→ **Task to carry out**: Write out, word for word, every line from the one containing "Products named in the file (1): XL79-06.0" through the final line of the records.

→ **Supplied material**:
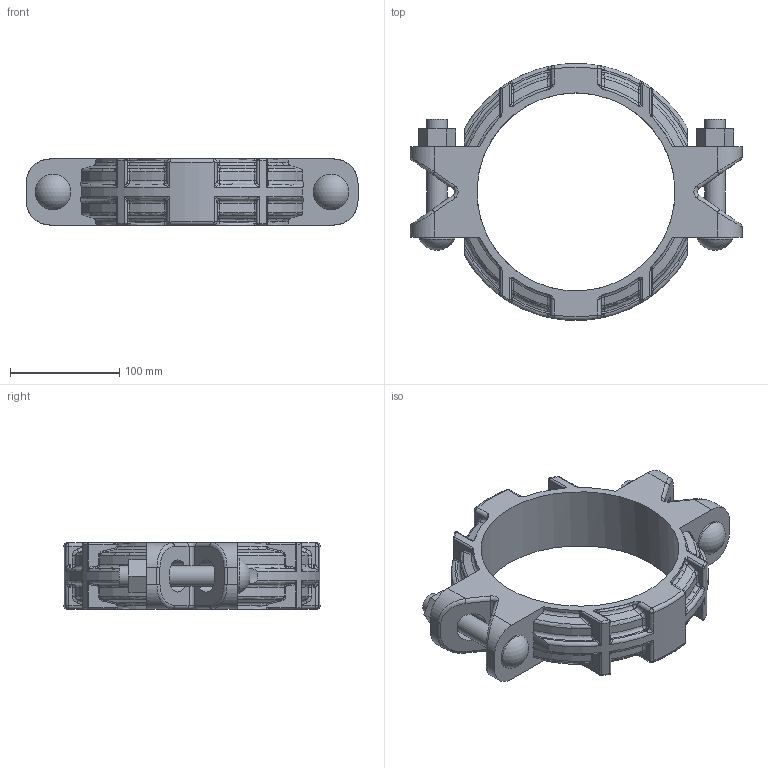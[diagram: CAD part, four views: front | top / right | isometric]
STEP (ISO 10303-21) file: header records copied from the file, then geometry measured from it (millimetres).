
FILE_DESCRIPTION(/* description */ ('VIC COUPLING STYLE XL 79','CAx-IF Rec.Pracs.---Representation and Presentation of Product Manufacturing Information (PMI)---4.0---2014-10-13'),/* implementation_level */ '2;1');
FILE_NAME(/* name */ 'C:\Users\kkamble\AppData\Roaming\Autodesk\ApplicationPlugins\Back Up\Victaulic_IPS-XL_Coupling_Style XL79 (XLG)\Victaulic_IPS-XL_Coupling_Style XL79 (XLG)_6 (150).stp',/* time_stamp */ '2020-08-05T13:49:55+05:00',/* author */ ('jheald'),/* organization */ ('Victaulic'),/* preprocessor_version */ 'ST-DEVELOPER v17.2',/* originating_system */ 'Autodesk Inventor 2019',/* authorisation */ '');
FILE_SCHEMA (('AP242_MANAGED_MODEL_BASED_3D_ENGINEERING_MIM_LF { 1 0 10303 442 1 1 4 }'));
Length unit declared in the file: inch
Products named in the file (1): XL79-06.0
Bounding box: 303.35 x 234.56 x 60.45 mm (x, y, z)
Volume: 1070127.5 mm3; surface area: 155026.7 mm2
Topology: 1 solids, 1 shells, 575 faces, 1383 edges, 792 vertices
Faces by surface type: cylinder 187, bspline 168, plane 82, torus 80, sphere 42, cone 16
Full cylindrical faces by diameter (mm): 19.05 x4, 32.537 x2, 180.975 x1
Entity records: 22950 total; most frequent: CARTESIAN_POINT 9965, ORIENTED_EDGE 2718, DIRECTION 2385, EDGE_CURVE 1359, AXIS2_PLACEMENT_3D 1001, VERTEX_POINT 792, EDGE_LOOP 591, STYLED_ITEM 577

→ **Worked solution**:
Products named in the file (1): XL79-06.0
Bounding box: 303.35 x 234.56 x 60.45 mm (x, y, z)
Volume: 1070127.5 mm3; surface area: 155026.7 mm2
Topology: 1 solids, 1 shells, 575 faces, 1383 edges, 792 vertices
Faces by surface type: cylinder 187, bspline 168, plane 82, torus 80, sphere 42, cone 16
Full cylindrical faces by diameter (mm): 19.05 x4, 32.537 x2, 180.975 x1
Entity records: 22950 total; most frequent: CARTESIAN_POINT 9965, ORIENTED_EDGE 2718, DIRECTION 2385, EDGE_CURVE 1359, AXIS2_PLACEMENT_3D 1001, VERTEX_POINT 792, EDGE_LOOP 591, STYLED_ITEM 577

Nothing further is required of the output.